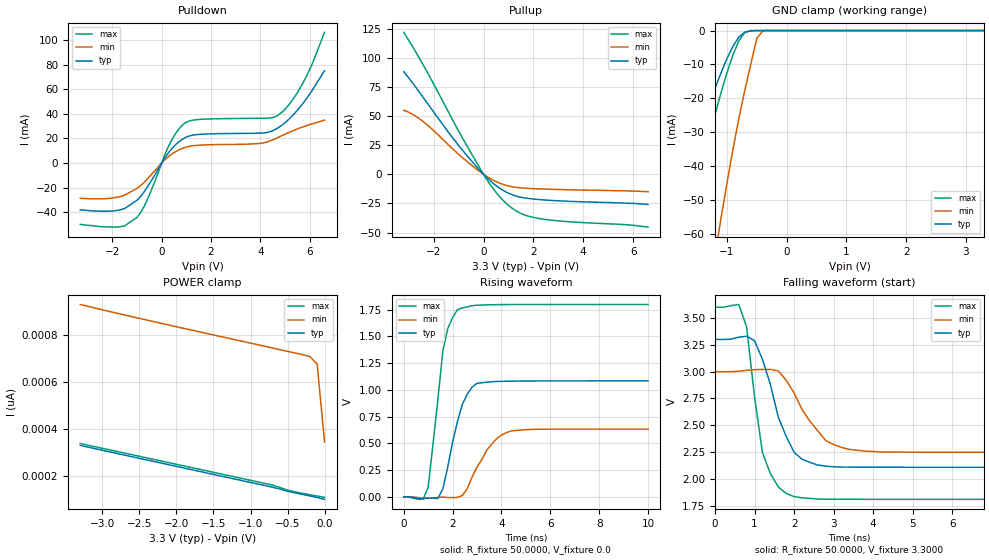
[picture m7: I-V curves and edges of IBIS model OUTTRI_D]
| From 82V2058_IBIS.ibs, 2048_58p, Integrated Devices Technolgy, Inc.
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|   Model OUTTRI_D
[Model]   OUTTRI_D
Model_type   3-state
Polarity   Non-Inverting
Enable   Active-Low
Vmeas =   1.65V
C_comp   2.6600pF   2.5500pF   2.7500pF
[Temperature Range]   25.0000   85.0000   -40.0000
[Voltage Range]   3.3000V   3.0000V   3.6000V
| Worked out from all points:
|   slope of the pulldown table from 0 to 0.495 V, typ, clamps not added: 36.6 ohm
|   slope of the pullup table from 0 to 0.495 V, typ, clamps not added: 51.8 ohm
|   GND clamp passes 1 mA (typ) near -0.74 V on its own axis
|   rising waveform, R_fixture 50.0000, V_fixture 0.0: 20-80 % time 663ps typ, 961ps min, 539ps max; typ from 0 V to 1.08 V
|   falling waveform, R_fixture 50.0000, V_fixture 3.3000: 20-80 % time 623ps typ, 790ps min, 426ps max; typ from 3.3 V to 2.11 V
[Pulldown]
|Voltage   I(typ)   I(min)   I(max)
-3.3V     -38mA      -28.6mA    -49.8mA
-1.7V     -38.12mA   -27.3mA    -51.77mA
-1V       -30.16mA   -20.54mA   -44.11mA
-600mV    -20.06mA   -13.26mA   -30.47mA
400mV     11.46mA    7.126mA    18.48mA
700mV     17.32mA    10.72mA    27.8mA
1V        21.1mA     13.02mA    33.19mA
4.2V      24.59mA    16.74mA    36.49mA
4.9V      31.19mA    22.56mA    41.78mA
5.7V      47.8mA     29.22mA    64.13mA
6.1V      59.04mA    31.92mA    80.46mA
6.6V      75.04mA    34.89mA    106.2mA
[Pullup]
|Voltage   I(typ)   I(min)   I(max)
-3.2V     88.08mA    54.91mA    121.9mA
-2.8V     77.12mA    50.95mA    108mA
-2.4V     65.44mA    44.93mA    93.18mA
-1V       24.75mA    17.16mA    37.07mA
0V        -6.24pA    -41.8pA    -5.2pA
300mV     -6.154mA   -3.996mA   -9.798mA
600mV     -11.19mA   -7.142mA   -18.04mA
1.1V      -17.14mA   -10.52mA   -28.36mA
1.6V      -20.15mA   -11.83mA   -34.51mA
2.4V      -21.99mA   -12.66mA   -38.54mA
5.7V      -24.77mA   -14.2mA    -43.26mA
6.6V      -25.9mA    -15mA      -45.4mA
[GND_clamp]
|Voltage   I(typ)   I(min)   I(max)
-3.3V     -132.9mA   -313.8mA   -170.5mA
-2V       -60.27mA   -158.7mA   -81.36mA
-1.9V     -54.57mA   -146.8mA   -74.16mA
-1.7V     -43.29mA   -123.2mA   -59.73mA
-1.2V     -17.04mA   -66.29mA   -24.77mA
-1.1V     -12.49mA   -55.5mA    -18.39mA
-900mV    -4.677mA   -35.12mA   -7.203mA
-800mV    -1.874mA   -25.89mA   -2.998mA
-700mV    -481.7uA   -17.58mA   -563.2uA
-500mV    -16.62uA   -2.324mA   -1.086uA
-400mV    -424.8nA   -91.35uA   -22.54nA
3.3V      102.4pA    717.1pA    94.7pA
[POWER_clamp]
|Voltage   I(typ)   I(min)   I(max)
-3.3V     331.5pA    929.8pA    339.6pA
-2.3V     262.9pA    856.6pA    271.6pA
-700mV    153.7pA    744.9pA    162.7pA
-500mV    137pA      730.9pA    141.3pA
-200mV    116.9pA    709.2pA    122pA
-100mV    110.2pA    677pA      116.5pA
0V        102.5pA    346.3pA    111.1pA
[Ramp]
| variable   typ   min   max
dV/dt_r   0.6504/0.6573n   0.3792/0.9370n   1.0782/0.4516n
dV/dt_f   0.7146/0.5786n   0.4506/0.7868n   1.0734/0.4000n
R_load =   50.0000
[Rising Waveform]
R_fixture=   50.0000
V_fixture=   0.0
V_fixture_min=  0.0
V_fixture_max=  0.0
|time   V(typ)   V(min)   V(max)
0s        0V         0V         0V
800ps     -18.7mV    -12.55mV   -18.53mV
1ns       -9.732mV   -14.69mV   88.98mV
1.6ns     74.9mV     -2.619mV   1.361V
1.8ns     275.6mV    -6.793mV   1.571V
2.2ns     704.4mV    -5.24mV    1.749V
2.8ns     1.025V     186.1mV    1.786V
3.4ns     1.071V     437.2mV    1.794V
4.2ns     1.08V      599.5mV    1.796V
10ns      1.084V     632mV      1.797V
[Falling Waveform]
R_fixture=   50.0000
V_fixture=   3.3000
V_fixture_min=  3.0000
V_fixture_max=  3.6000
|time   V(typ)   V(min)   V(max)
0s        3.3V       3V         3.6V
600ps     3.321V     3.004V     3.625V
800ps     3.33V      3.012V     3.418V
1ns       3.289V     3.019V     2.763V
1.2ns     3.114V     3.02V      2.247V
1.8ns     2.397V     2.921V     1.867V
2.2ns     2.184V     2.649V     1.825V
2.8ns     2.12V      2.358V     1.812V
3.4ns     2.111V     2.276V     1.812V
10ns      2.109V     2.249V     1.811V
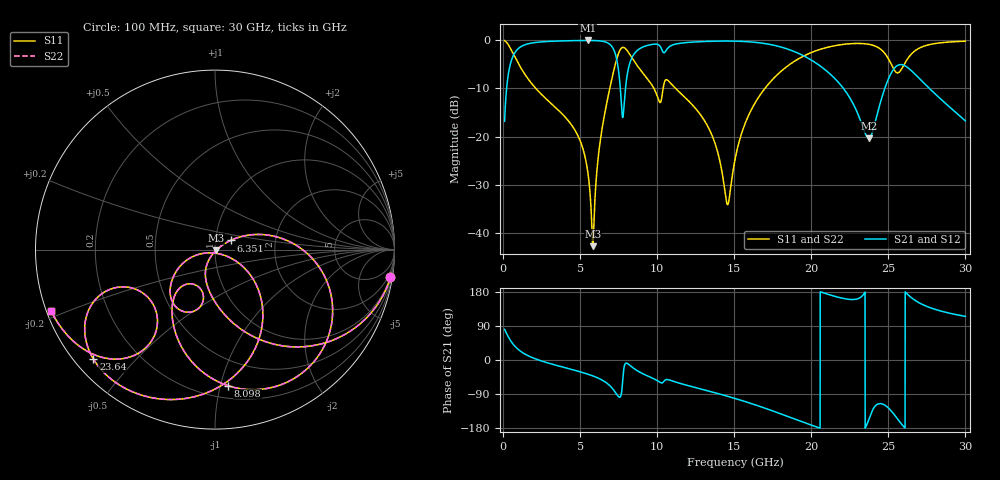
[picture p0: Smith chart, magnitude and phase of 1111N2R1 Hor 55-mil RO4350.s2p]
# GHz S MA R 50
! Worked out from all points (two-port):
!   3201 points, 100 MHz to 30 GHz, reference 50 ohm
!   highest |S21| = -0.06 dB at 5.501 GHz (marker M1); lowest = -20.4 dB at 23.73 GHz (marker M2)
!   |S21| within 3 dB of the highest: 683.8 MHz to 7.303 GHz (6.619 GHz wide, 166 % of centre); 8.461 GHz to 19.38 GHz (10.92 GHz wide, 78.5 % of centre)
!   lowest |S11| = -42.8 dB at 5.828 GHz (marker M3), VSWR 1.01, Z = 50.5 - j0.505 ohm
!   |S11| at or under -10 dB: 2.121 GHz to 6.926 GHz (4.805 GHz wide, 106 % of centre); 9.785 GHz to 10.39 GHz (602.6 MHz wide, 5.97 % of centre); 11.19 GHz to 16.99 GHz (5.802 GHz wide, 41.2 % of centre)
!   |S22| runs from -42.8 to -0.1 dB; largest |S21 - S12| = 0
!   S11 on the Smith chart (normalised r, x): 100 MHz: 1, -13; 6.351 GHz: 1.18, +0.12; 8.098 GHz: 0.29, -1.05; 23.64 GHz: 0.05, -0.38; 30 GHz: 0.01, -0.18
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0.1  0.9895 -9.0  0.1439 81.0  0.1439 81.0  0.9895 -9.0
0.5765313  0.7669 -44.2  0.641 45.8  0.641 45.8  0.7669 -44.2
1.585656  0.4041 -77.8  0.9134 12.1  0.9134 12.1  0.4041 -77.8
5.089563  0.08283 -119.6  0.9922 -32.2  0.9922 -32.2  0.08283 -119.6
5.500687  0.04245 -120.3  0.9932 -37.4  0.9932 -37.4  0.04245 -120.3
5.827719  0.007271 -43.5  0.9921 -42.1  0.9921 -42.1  0.007271 -43.5
6.350969  0.1009 30.5  0.9799 -51.4  0.9799 -51.4  0.1009 30.5
7.070437  0.4034 7.3  0.855 -74.0  0.855 -74.0  0.4034 7.3
7.50025  0.7344 -26.8  0.4733 -97.0  0.4733 -97.0  0.7344 -26.8
7.771219  0.8421 -56.0  0.1578 -49.9  0.1578 -49.9  0.8421 -56.0
8.09825  0.7611 -84.6  0.4773 -9.9  0.4773 -9.9  0.7611 -84.6
10.06978  0.2453 -128.6  0.8977 -56.1  0.8977 -56.1  0.2453 -128.6
12.92897  0.1582 -160.4  0.9667 -77.5  0.9667 -77.5  0.1582 -160.4
14.55478  0.0197 -100.8  0.9789 -95.6  0.9789 -95.6  0.0197 -100.8
15.05  0.0575 -32.2  0.9767 -101.5  0.9767 -101.5  0.0575 -32.2
16.77859  0.2846 -39.0  0.9327 -124.1  0.9327 -124.1  0.2846 -39.0
20.03956  0.748 -86.0  0.6161 -172.4  0.6161 -172.4  0.748 -86.0
23.63691  0.9114 -138.0  0.0978 -167.5  0.0978 -167.5  0.9114 -138.0
23.73034  0.9063 -139.5  0.0956 -157.5  0.0956 -157.5  0.9063 -139.5
25.01978  0.635 -159.2  0.4009 -127.2  0.4009 -127.2  0.635 -159.2
25.98219  0.5432 -126.6  0.5512 -175.2  0.5512 -175.2  0.5432 -126.6
30  0.9752 -159.4  0.1453 115.1  0.1453 115.1  0.9752 -159.4
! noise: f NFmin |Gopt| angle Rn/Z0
0.1  0.001761  0.9048  3.031  0.004055
3.417  0.01124  0.5343  27.52  0.004045
6.743  0.05907  0.8014  47.92  0.05162
10.06  0.1137  0.8484  69.76  0.1078
13.39  0.0651  0.6894  89.66  0.02119
16.7  0.08229  0.7006  106.1  0.0205
20.03  0.1512  0.8006  122.2  0.03821
23.35  1.195  0.968  139.3  1.04
26.67  0.4425  0.9054  153.6  0.05606
30  0.5018  0.9152  166.1  0.02177
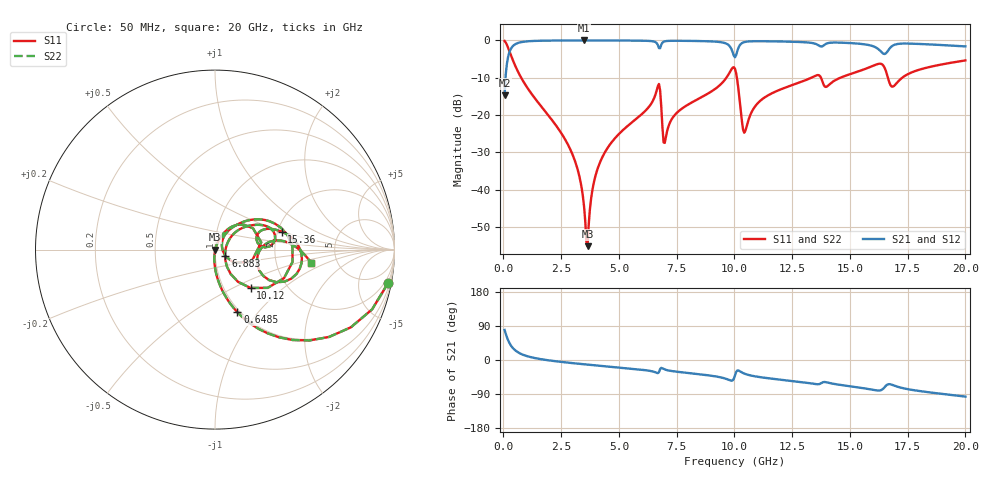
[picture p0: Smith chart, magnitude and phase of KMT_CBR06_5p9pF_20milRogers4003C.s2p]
! Data measured by Modelithics Inc. support@modelithics.com 813-866-6335
! KEMET CBR0603 5.9pF, Pad Width= 0.851mm, Pad Length= 0.64mm, Pad Gap= 0.62mm, 20mil Rogers 4003C substrate Data, January 2022
# hz S ma R 50
! 2 Port Network Data from SP1.SP block
! freq  magS11  angS11  magS21  angS21  magS12  angS12  magS22  angS22
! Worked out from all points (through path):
!   401 points, 50 MHz to 20 GHz, reference 50 ohm
!   highest |S21| = -0.01 dB at 3.491 GHz (marker M1); lowest = -14.7 dB at 50 MHz (marker M2)
!   group delay of S21, straight-line fit = 14.9 ps
!   lowest |S11| = -55.1 dB at 3.641 GHz (marker M3), VSWR 1.00, Z = 50.2 + j0.0524 ohm
!   |S11| at or under -10 dB: 767.8 MHz to 9.652 GHz (8.884 GHz wide, 171 % of centre); 10.11 GHz to 13.33 GHz (3.222 GHz wide, 27.5 % of centre); 13.75 GHz to 14.59 GHz (842.9 MHz wide, 5.95 % of centre)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
!   |S22| runs from -55.1 to -0.1 dB; largest |S21 - S12| = 0
!   S11 on the Smith chart (normalised r, x): 50 MHz: 1, -11; 648.5 MHz: 0.97, -0.79; 6.883 GHz: 1.12, -0.08; 10.12 GHz: 1.33, -0.62; 15.36 GHz: 2.10, +0.49; 20 GHz: 3.19, -0.66
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5e7  0.9829 -10.8  0.1838 79.2  0.1838 79.2  0.9829 -10.8
2.495e8  0.7293 -44.0  0.6835 46.0  0.6835 46.0  0.7293 -44.0
6.485e8  0.371 -70.3  0.9279 19.6  0.9279 19.6  0.371 -70.3
2.74325e9  0.04291 -94.9  0.9977 -6.7  0.9977 -6.7  0.04291 -94.9
3.391625e9  0.01031 -92.5  0.9984 -10.7  0.9984 -10.7  0.01031 -92.5
3.491375e9  0.005893 -86.7  0.9984 -11.3  0.9984 -11.3  0.005893 -86.7
3.641e9  0.001751 17.4  0.9983 -12.2  0.9983 -12.2  0.001751 17.4
3.94025e9  0.01356 69.4  0.9982 -13.9  0.9982 -13.9  0.01356 69.4
4.33925e9  0.02959 70.6  0.9977 -16.1  0.9977 -16.1  0.02959 70.6
6.73325e9  0.2607 8.9  0.7884 -32.1  0.7884 -32.1  0.2607 8.9
6.882875e9  0.06889 -32.1  0.9318 -22.1  0.9318 -22.1  0.06889 -32.1
7.0325e9  0.05095 40.8  0.9786 -25.9  0.9786 -25.9  0.05095 40.8
9.576125e9  0.294 35.1  0.9231 -48.5  0.9231 -48.5  0.294 35.1
1.0025e10  0.4162 -22.4  0.5953 -40.3  0.5953 -40.3  0.4162 -22.4
1.012475e10  0.2914 -47.2  0.7202 -27.7  0.7202 -27.7  0.2914 -47.2
1.047388e10  0.06144 9.0  0.9559 -36.9  0.9559 -36.9  0.06144 9.0
1.1222e10  0.1648 40.1  0.9754 -46.2  0.9754 -46.2  0.1648 40.1
1.336662e10  0.3204 23.5  0.9228 -62.2  0.9228 -62.2  0.3204 23.5
1.536162e10  0.3845 15.0  0.9052 -72.4  0.9052 -72.4  0.3845 15.0
1.630925e10  0.4877 -9.2  0.728 -80.2  0.728 -80.2  0.4877 -9.2
1.670825e10  0.2727 -25.2  0.7715 -63.7  0.7715 -63.7  0.2727 -25.2
2e10  0.5393 -7.8  0.8306 -96.6  0.8306 -96.6  0.5393 -7.8
-=-=-
▶ WORK INSTRUCTIONS
Only the count, no other text: how many lines in the listing above hold "clamps"?

▶ TASK RESPONSE
2